[Records drawn from a dataset]
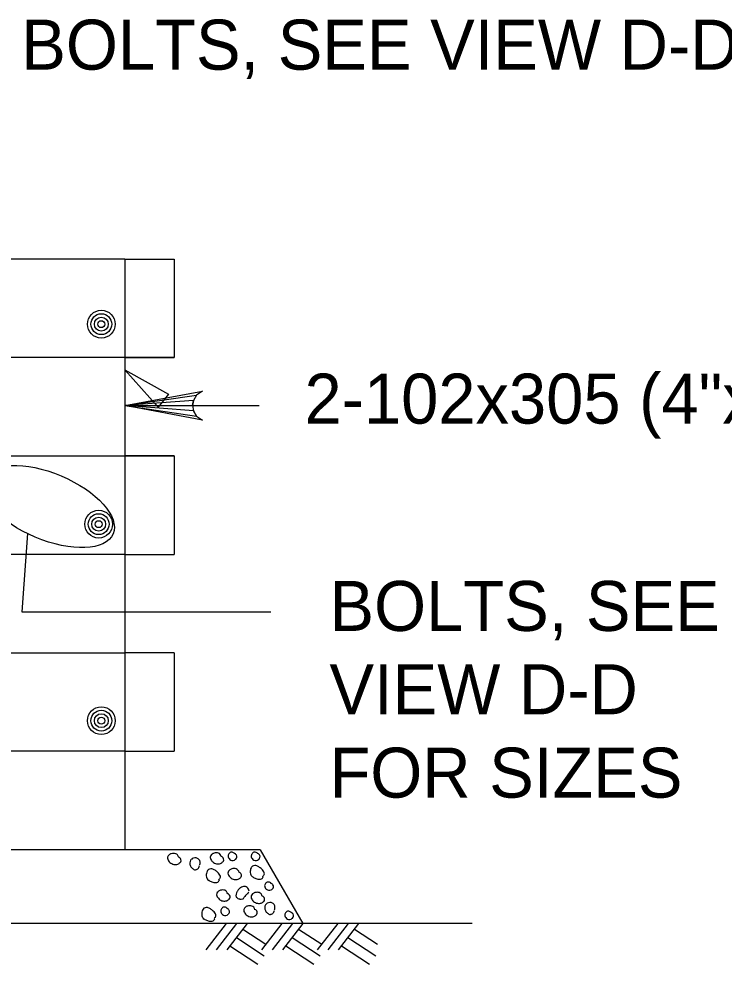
# Model space of a CAD drawing. Extents: x 0 to 36.3, y -44 to 0.
# Drawn here: x 21.652 to 23.344, y -17.273 to -15.005 of the extents above; entities that cross this region are included whole.
import ezdxf

# ---------------------------------------------------------------- set-up
doc = ezdxf.new("R2010")
doc.units = 0
doc.layers.add('3', color=7, linetype='Continuous')
doc.layers.add('5', color=7, linetype='Continuous')

msp = doc.modelspace()

# ---------------------------------------------------------------- linework, layer by layer
at = {"layer": '3'}
for p, q in [((21.9062, -15.5814), (21.5518, -15.5814)), ((21.9062, -15.5814), (21.9062, -16.9987)), ((21.9062, -15.5814), (22.0242, -15.5814)), ((22.0242, -15.5814), (22.0242, -15.8176)), ((21.9062, -15.8176), (21.5518, -15.8176)), ((22.0242, -15.8176), (21.8766, -15.8176)), ((21.9062, -15.8176), (22.0242, -15.8176)), ((21.5518, -16.0538), (21.9062, -16.0538)), ((21.8766, -16.0538), (22.0242, -16.0538)), ((22.0242, -16.0538), (21.9062, -16.0538)), ((22.0242, -16.0538), (22.0242, -16.29)), ((21.9062, -16.29), (21.5518, -16.29)), ((21.9062, -16.29), (22.0242, -16.29)), ((21.5518, -16.5263), (21.9062, -16.5263)), ((22.0242, -16.5263), (21.9062, -16.5263)), ((22.0242, -16.5263), (22.0242, -16.7625)), ((21.9062, -16.7625), (21.5518, -16.7625)), ((21.9062, -16.7625), (22.0242, -16.7625)), ((22.2309, -16.9987), (18.2742, -16.9987)), ((22.2309, -16.9987), (22.3332, -17.1758)), ((22.7392, -17.1758), (17.728, -17.1758)), ((22.149, -17.1758), (22.1002, -17.2395)), ((22.1742, -17.1758), (22.1253, -17.2395)), ((22.1993, -17.1758), (22.1505, -17.2395)), ((22.1891, -17.1892), (22.2446, -17.2257)), ((22.2828, -17.1758), (22.234, -17.2395)), ((22.308, -17.1758), (22.2592, -17.2395)), ((22.3332, -17.1758), (22.2844, -17.2395)), ((22.323, -17.1892), (22.3785, -17.2257)), ((22.4168, -17.1758), (22.3679, -17.2395)), ((22.4419, -17.1758), (22.3931, -17.2395)), ((22.4671, -17.1758), (22.4183, -17.2395)), ((22.4568, -17.1892), (22.5123, -17.2257)), ((22.1737, -17.2093), (22.2407, -17.2532)), ((22.3076, -17.2093), (22.3746, -17.2532)), ((22.4415, -17.2093), (22.5084, -17.2532)), ((22.1583, -17.2293), (22.2253, -17.2733)), ((22.2922, -17.2293), (22.3592, -17.2733)), ((22.4261, -17.2293), (22.4931, -17.2733))]:
    msp.add_line(p, q, dxfattribs=at)
for centre, radius in [((21.8496, -15.7374), 0.0333), ((21.8496, -15.7374), 0.025), ((21.8496, -15.7374), 0.0167), ((21.8496, -15.7374), 0.00833), ((21.8433, -16.2174), 0.0333), ((21.8433, -16.2174), 0.025), ((21.8433, -16.2174), 0.0167), ((21.8433, -16.2174), 0.00833), ((21.8496, -16.6891), 0.0333), ((21.8496, -16.6891), 0.025), ((21.8496, -16.6891), 0.0167), ((21.8496, -16.6891), 0.00833)]:
    msp.add_circle(centre, radius, dxfattribs=at)
for centre, radius, start, end in [((22.0196, -17.0202), 0.0115, 132.2712, 160.92), ((22.0221, -17.0229), 0.0153, 107.4489, 132.2712), ((22.023, -17.0257), 0.0182, 90, 107.449), ((22.023, -17.023), 0.0155, 71.0851, 90), ((22.0248, -17.0176), 0.00984, 39.2919, 71.0851), ((22.0216, -17.0203), 0.014, 12.7289, 39.2919), ((22.1221, -17.0187), 0.0115, 132.2712, 160.92), ((22.1246, -17.0215), 0.0153, 107.4489, 132.2712), ((22.1255, -17.0242), 0.0182, 90, 107.449), ((22.1255, -17.0215), 0.0155, 71.0851, 90), ((22.1273, -17.0162), 0.00984, 39.2919, 71.0851), ((22.1241, -17.0188), 0.014, 12.7289, 39.2919), ((22.1623, -17.0138), 0.00848, 153.4329, 176.3744), ((22.1635, -17.0139), 0.00973, 176.3744, 204.4459), ((22.1651, -17.0152), 0.0116, 133.8613, 153.4329), ((22.1625, -17.0126), 0.00794, 82.8756, 133.8613), ((22.1623, -17.014), 0.00935, 36.1405, 82.8756), ((22.1664, -17.0162), 0.00871, 33.6924, 77.7435), ((22.1674, -17.0155), 0.0075, 345.9971, 33.6924), ((22.2178, -17.0138), 0.00848, 153.4329, 176.3744), ((22.219, -17.0139), 0.00973, 176.3744, 204.4459), ((22.2206, -17.0152), 0.0116, 133.8613, 153.4329), ((22.218, -17.0126), 0.00794, 82.8756, 133.8613), ((22.2179, -17.014), 0.00935, 36.1405, 82.8756), ((22.222, -17.0162), 0.00871, 33.6924, 77.7435), ((22.223, -17.0155), 0.0075, 345.9971, 33.6924), ((22.0157, -17.0188), 0.00738, 160.92, 203.6312), ((22.0289, -17.013), 0.0219, 203.6312, 228.0682), ((22.0279, -17.0141), 0.0203, 228.0682, 257.7363), ((22.027, -17.0183), 0.0161, 257.7363, 291.1829), ((22.0266, -17.0171), 0.0173, 291.1829, 314.9975), ((22.0322, -17.0252), 0.00907, 36.0298, 75.5915), ((22.0337, -17.0243), 0.00724, 314.9975, 352.2416), ((22.0335, -17.0242), 0.00747, 352.2416, 36.0298), ((22.0758, -17.0311), 0.0139, 162.0407, 192.5299), ((22.0786, -17.0305), 0.0167, 192.5299, 220.2507), ((22.0741, -17.0305), 0.0121, 134.9975, 162.0407), ((22.0753, -17.0317), 0.0137, 109.6149, 134.9975), ((22.0745, -17.0295), 0.0114, 75.9649, 109.6149), ((22.074, -17.0316), 0.0135, 45.0971, 75.9649), ((22.0761, -17.0295), 0.0106, 6.7104, 45.0971), ((22.0736, -17.0358), 0.0117, 330.9432, 352.744), ((22.0743, -17.0297), 0.0124, 331.3493, 6.7104), ((22.1181, -17.0173), 0.00738, 160.92, 203.6312), ((22.1314, -17.0115), 0.0219, 203.6312, 228.0682), ((22.1304, -17.0127), 0.0203, 228.0682, 257.7363), ((22.1295, -17.0168), 0.0161, 257.7363, 291.1829), ((22.129, -17.0156), 0.0173, 291.1829, 314.9975), ((22.1346, -17.0237), 0.00907, 36.0298, 75.5915), ((22.1362, -17.0228), 0.00724, 314.9975, 352.2416), ((22.1359, -17.0227), 0.00747, 352.2416, 36.0298), ((22.1657, -17.0129), 0.0121, 204.4459, 229.5269), ((22.1645, -17.0143), 0.0104, 229.5269, 261.8706), ((22.1647, -17.0132), 0.0114, 261.8706, 292.6593), ((22.1653, -17.0146), 0.0099, 292.6593, 318.8116), ((22.1658, -17.0151), 0.00917, 318.8116, 345.9971), ((22.2188, -17.0473), 0.0109, 111.0358, 142.5289), ((22.2212, -17.0129), 0.0121, 204.4459, 229.5269), ((22.2201, -17.0143), 0.0104, 229.5269, 261.8706), ((22.2185, -17.0467), 0.0102, 78.5014, 111.0358), ((22.2202, -17.0132), 0.0114, 261.8706, 292.6593), ((22.2177, -17.0507), 0.0143, 61.7014, 78.5014), ((22.2208, -17.0146), 0.0099, 292.6593, 318.8116), ((22.2213, -17.0151), 0.00917, 318.8116, 345.9971), ((22.0828, -17.0269), 0.0222, 220.2507, 239.7458), ((22.0747, -17.0408), 0.00621, 239.7458, 277.0923), ((22.0742, -17.0368), 0.0102, 277.0923, 293.1968), ((22.0729, -17.0336), 0.0137, 293.1968, 307.0979), ((22.0752, -17.0367), 0.00977, 307.0979, 330.9432), ((22.1214, -17.0592), 0.0199, 161.5635, 177.6608), ((22.1246, -17.0593), 0.0232, 177.6608, 192.9957), ((22.1161, -17.0574), 0.0143, 142.5289, 161.5635), ((22.1134, -17.0553), 0.0109, 111.0358, 142.5289), ((22.1131, -17.0547), 0.0102, 78.5014, 111.0358), ((22.1123, -17.0587), 0.0143, 61.7014, 78.5014), ((22.0957, -17.0895), 0.0493, 52.6686, 61.7014), ((22.1013, -17.0822), 0.0401, 38.6623, 52.6686), ((22.1214, -17.0662), 0.0144, 15.2216, 38.6623), ((22.1608, -17.0551), 0.00738, 160.92, 203.6312), ((22.1647, -17.0565), 0.0115, 132.2712, 160.92), ((22.174, -17.0493), 0.0219, 203.6312, 228.0682), ((22.1672, -17.0593), 0.0153, 107.4489, 132.2712), ((22.1681, -17.062), 0.0182, 90, 107.449), ((22.1681, -17.0593), 0.0155, 71.0851, 90), ((22.1699, -17.054), 0.00984, 39.2919, 71.0851), ((22.1667, -17.0566), 0.014, 12.7289, 39.2919), ((22.1773, -17.0615), 0.00907, 36.0298, 75.5915), ((22.1786, -17.0606), 0.00747, 352.2416, 36.0298), ((22.2268, -17.0511), 0.0199, 161.5635, 177.6608), ((22.23, -17.0513), 0.0232, 177.6608, 192.9957), ((22.2204, -17.0535), 0.0133, 192.9957, 213.2749), ((22.2215, -17.0493), 0.0143, 142.5289, 161.5635), ((22.2011, -17.0815), 0.0493, 52.6686, 61.7014), ((22.2067, -17.0742), 0.0401, 38.6623, 52.6686), ((22.2266, -17.0516), 0.0153, 310.4771, 334.6604), ((22.2268, -17.0581), 0.0144, 15.2216, 38.6623), ((22.2353, -17.0558), 0.00558, 334.6604, 15.2216), ((22.115, -17.0615), 0.0133, 192.9957, 213.2749), ((22.1137, -17.0624), 0.0118, 213.2749, 237.2671), ((22.1274, -17.0411), 0.037, 237.2671, 250.7161), ((22.1257, -17.0459), 0.0319, 250.7161, 266.6338), ((22.1245, -17.0672), 0.0106, 266.6338, 294.3814), ((22.1266, -17.0718), 0.00552, 294.3814, 320.1919), ((22.1201, -17.0664), 0.0139, 320.1919, 336.3613), ((22.1211, -17.0597), 0.0153, 310.4771, 334.6604), ((22.1299, -17.0638), 0.00558, 334.6604, 15.2216), ((22.173, -17.0505), 0.0203, 228.0682, 257.7363), ((22.1721, -17.0546), 0.0161, 257.7363, 291.1829), ((22.1717, -17.0535), 0.0173, 291.1829, 314.9975), ((22.1788, -17.0606), 0.00724, 314.9975, 352.2416), ((22.2191, -17.0543), 0.0118, 213.2749, 237.2671), ((22.2328, -17.0331), 0.037, 237.2671, 250.7161), ((22.2311, -17.0379), 0.0319, 250.7161, 266.6338), ((22.2299, -17.0591), 0.0106, 266.6338, 294.3814), ((22.232, -17.0638), 0.00552, 294.3814, 320.1919), ((22.2255, -17.0584), 0.0139, 320.1919, 336.3613), ((22.25, -17.0854), 0.00848, 153.4329, 176.3744), ((22.2528, -17.0868), 0.0116, 133.8613, 153.4329), ((22.2502, -17.0842), 0.00794, 82.8756, 133.8613), ((22.25, -17.0856), 0.00935, 36.1405, 82.8756), ((22.2541, -17.0878), 0.00871, 33.6924, 77.7435), ((22.1334, -17.1066), 0.00738, 160.92, 203.6312), ((22.1374, -17.108), 0.0115, 132.2712, 160.92), ((22.1399, -17.1108), 0.0153, 107.4489, 132.2712), ((22.1407, -17.1135), 0.0182, 90, 107.449), ((22.1407, -17.1108), 0.0155, 71.0851, 90), ((22.1426, -17.1055), 0.00984, 39.2919, 71.0851), ((22.1394, -17.1081), 0.014, 12.7289, 39.2919), ((22.1499, -17.113), 0.00907, 36.0298, 75.5915), ((22.1914, -17.1092), 0.0187, 159.491, 180), ((22.1984, -17.1117), 0.0261, 144.4599, 159.491), ((22.2003, -17.1131), 0.0285, 130.0785, 144.4599), ((22.1922, -17.1035), 0.0159, 114.4421, 130.0785), ((22.1961, -17.112), 0.0253, 102.0363, 114.4421), ((22.1929, -17.0972), 0.0101, 50.53, 102.0363), ((22.2382, -17.1442), 0.0552, 134.9975, 140.4906), ((22.2511, -17.157), 0.0734, 130.2337, 134.9975), ((22.19, -17.1007), 0.0146, 8.2706, 50.53), ((22.2202, -17.1136), 0.0115, 132.2712, 160.92), ((22.2228, -17.1164), 0.0153, 107.4489, 132.2712), ((22.2236, -17.1191), 0.0182, 90, 107.449), ((22.2236, -17.1164), 0.0155, 71.0851, 90), ((22.2254, -17.1111), 0.00984, 39.2919, 71.0851), ((22.2222, -17.1137), 0.014, 12.7289, 39.2919), ((22.2512, -17.0855), 0.00973, 176.3744, 204.4459), ((22.2534, -17.0845), 0.0121, 204.4459, 229.5269), ((22.2523, -17.0859), 0.0104, 229.5269, 261.8706), ((22.2524, -17.0848), 0.0114, 261.8706, 292.6593), ((22.253, -17.0862), 0.0099, 292.6593, 318.8116), ((22.2535, -17.0867), 0.00917, 318.8116, 345.9971), ((22.2552, -17.0871), 0.0075, 345.9971, 33.6924), ((22.1467, -17.1008), 0.0219, 203.6312, 228.0682), ((22.1457, -17.102), 0.0203, 228.0682, 257.7363), ((22.1448, -17.1061), 0.0161, 257.7363, 291.1829), ((22.1443, -17.1049), 0.0173, 291.1829, 314.9975), ((22.1515, -17.1121), 0.00724, 314.9975, 352.2416), ((22.1512, -17.1121), 0.00747, 352.2416, 36.0298), ((22.1797, -17.1092), 0.00701, 180, 213.8235), ((22.1802, -17.1089), 0.00751, 213.8235, 243.437), ((22.1834, -17.1024), 0.0147, 243.437, 264.4731), ((22.1842, -17.0942), 0.023, 264.4731, 280.304), ((22.1875, -17.1123), 0.00464, 280.304, 316.0526), ((22.1797, -17.1048), 0.0154, 316.0526, 327.4482), ((22.2274, -17.1352), 0.0412, 140.4906, 147.4482), ((22.2163, -17.1123), 0.00738, 160.92, 203.6312), ((22.2296, -17.1065), 0.0219, 203.6312, 228.0682), ((22.2285, -17.1076), 0.0203, 228.0682, 257.7363), ((22.2276, -17.1117), 0.0161, 257.7363, 291.1829), ((22.2272, -17.1106), 0.0173, 291.1829, 314.9975), ((22.2328, -17.1186), 0.00907, 36.0298, 75.5915), ((22.2343, -17.1177), 0.00724, 314.9975, 352.2416), ((22.2341, -17.1177), 0.00747, 352.2416, 36.0298), ((22.255, -17.1388), 0.0137, 109.6149, 134.9975), ((22.2542, -17.1367), 0.0114, 75.9649, 109.6149), ((22.2537, -17.1387), 0.0135, 45.0971, 75.9649), ((22.1104, -17.152), 0.0199, 161.5635, 177.6608), ((22.1051, -17.1502), 0.0143, 142.5289, 161.5635), ((22.1024, -17.1482), 0.0109, 111.0358, 142.5289), ((22.1021, -17.1476), 0.0102, 78.5014, 111.0358), ((22.1013, -17.1516), 0.0143, 61.7014, 78.5014), ((22.0848, -17.1824), 0.0493, 52.6686, 61.7014), ((22.0903, -17.175), 0.0401, 38.6623, 52.6686), ((22.1104, -17.159), 0.0144, 15.2216, 38.6623), ((22.1446, -17.1458), 0.00848, 153.4329, 176.3744), ((22.1458, -17.1459), 0.00973, 176.3744, 204.4459), ((22.1474, -17.1472), 0.0116, 133.8613, 153.4329), ((22.148, -17.1449), 0.0121, 204.4459, 229.5269), ((22.1448, -17.1445), 0.00794, 82.8756, 133.8613), ((22.1446, -17.1459), 0.00935, 36.1405, 82.8756), ((22.1487, -17.1481), 0.00871, 33.6924, 77.7435), ((22.1481, -17.147), 0.00917, 318.8116, 345.9971), ((22.1497, -17.1475), 0.0075, 345.9971, 33.6924), ((22.1986, -17.1444), 0.00738, 160.92, 203.6312), ((22.2025, -17.1458), 0.0115, 132.2712, 160.92), ((22.2119, -17.1386), 0.0219, 203.6312, 228.0682), ((22.2051, -17.1486), 0.0153, 107.4489, 132.2712), ((22.2059, -17.1513), 0.0182, 90, 107.449), ((22.2059, -17.1486), 0.0155, 71.0851, 90), ((22.2077, -17.1433), 0.00984, 39.2919, 71.0851), ((22.2045, -17.1459), 0.014, 12.7289, 39.2919), ((22.2151, -17.1508), 0.00907, 36.0298, 75.5915), ((22.2164, -17.1499), 0.00747, 352.2416, 36.0298), ((22.2555, -17.1383), 0.0139, 162.0407, 192.5299), ((22.2583, -17.1376), 0.0167, 192.5299, 220.2507), ((22.2538, -17.1377), 0.0121, 134.9975, 162.0407), ((22.2625, -17.1341), 0.0222, 220.2507, 239.7458), ((22.2549, -17.1439), 0.00977, 307.0979, 330.9432), ((22.2557, -17.1367), 0.0106, 6.7104, 45.0971), ((22.2533, -17.143), 0.0117, 330.9432, 352.744), ((22.2539, -17.1369), 0.0124, 331.3493, 6.7104), ((22.301, -17.1568), 0.0116, 133.8613, 153.4329), ((22.2985, -17.1542), 0.00794, 82.8756, 133.8613), ((22.2983, -17.1556), 0.00935, 36.1405, 82.8756), ((22.3024, -17.1578), 0.00871, 33.6924, 77.7435), ((22.1136, -17.1521), 0.0232, 177.6608, 192.9957), ((22.104, -17.1544), 0.0133, 192.9957, 213.2749), ((22.1027, -17.1552), 0.0118, 213.2749, 237.2671), ((22.1164, -17.1339), 0.037, 237.2671, 250.7161), ((22.1147, -17.1388), 0.0319, 250.7161, 266.6338), ((22.1135, -17.16), 0.0106, 266.6338, 294.3814), ((22.1156, -17.1647), 0.00552, 294.3814, 320.1919), ((22.1091, -17.1593), 0.0139, 320.1919, 336.3613), ((22.1102, -17.1525), 0.0153, 310.4771, 334.6604), ((22.1189, -17.1567), 0.00558, 334.6604, 15.2216), ((22.1468, -17.1462), 0.0104, 229.5269, 261.8706), ((22.147, -17.1452), 0.0114, 261.8706, 292.6593), ((22.1476, -17.1466), 0.0099, 292.6593, 318.8116), ((22.2108, -17.1398), 0.0203, 228.0682, 257.7363), ((22.2099, -17.1439), 0.0161, 257.7363, 291.1829), ((22.2095, -17.1428), 0.0173, 291.1829, 314.9975), ((22.2166, -17.1499), 0.00724, 314.9975, 352.2416), ((22.2544, -17.1479), 0.00621, 239.7458, 277.0923), ((22.2539, -17.1439), 0.0102, 277.0923, 293.1968), ((22.2526, -17.1408), 0.0137, 293.1968, 307.0979), ((22.2982, -17.1554), 0.00848, 153.4329, 176.3744), ((22.2995, -17.1555), 0.00973, 176.3744, 204.4459), ((22.3017, -17.1545), 0.0121, 204.4459, 229.5269), ((22.3005, -17.1559), 0.0104, 229.5269, 261.8706), ((22.3007, -17.1548), 0.0114, 261.8706, 292.6593), ((22.3013, -17.1562), 0.0099, 292.6593, 318.8116), ((22.3018, -17.1567), 0.00917, 318.8116, 345.9971), ((22.3034, -17.1571), 0.0075, 345.9971, 33.6924)]:
    msp.add_arc(centre, radius, start, end, dxfattribs=at)
at = {"layer": '5'}
msp.add_lwpolyline([(22.0105, -15.9055), (21.9861, -15.9363), (21.9058, -15.8474)], close=True, dxfattribs=at)
for points in [[(21.9062, -15.9329), (22.0926, -15.898), (22.0782, -15.9079), (22.0708, -15.9204), (22.0687, -15.9329), (22.0708, -15.9454), (22.0782, -15.9579), (22.0926, -15.9679), (21.9062, -15.9329), (22.0782, -15.9579), (22.0708, -15.9454), (21.9062, -15.9329), (22.0687, -15.9329), (22.0708, -15.9204), (21.9062, -15.9329), (22.0782, -15.9079)], [(21.9062, -15.9329), (22.2282, -15.9329)], [(21.6722, -16.2401), (21.6587, -16.4275), (22.2562, -16.4275)]]:
    msp.add_lwpolyline(points, dxfattribs=at)
msp.add_ellipse((21.7222, -16.1751), major_axis=(-0.1556, 0.0657), ratio=0.473013, dxfattribs=at)

# ---------------------------------------------------------------- texts
for s, p in [('BOLTS, SEE VIEW D-D FOR SIZES', (21.6576, -15.1265)), ('2-102x305 (4"x12")', (22.3371, -15.9761)), ('BOLTS, SEE', (22.397, -16.4737)), ('VIEW D-D', (22.397, -16.6737)), ('FOR SIZES', (22.397, -16.8738))]:
    msp.add_text(s, height=0.12, dxfattribs=at).set_placement(p)

doc.saveas('drawing.dxf')

→ **Task directions**
For the entries above, give only the number of lines that contain the word "linetype".

→ **Output of the task**
2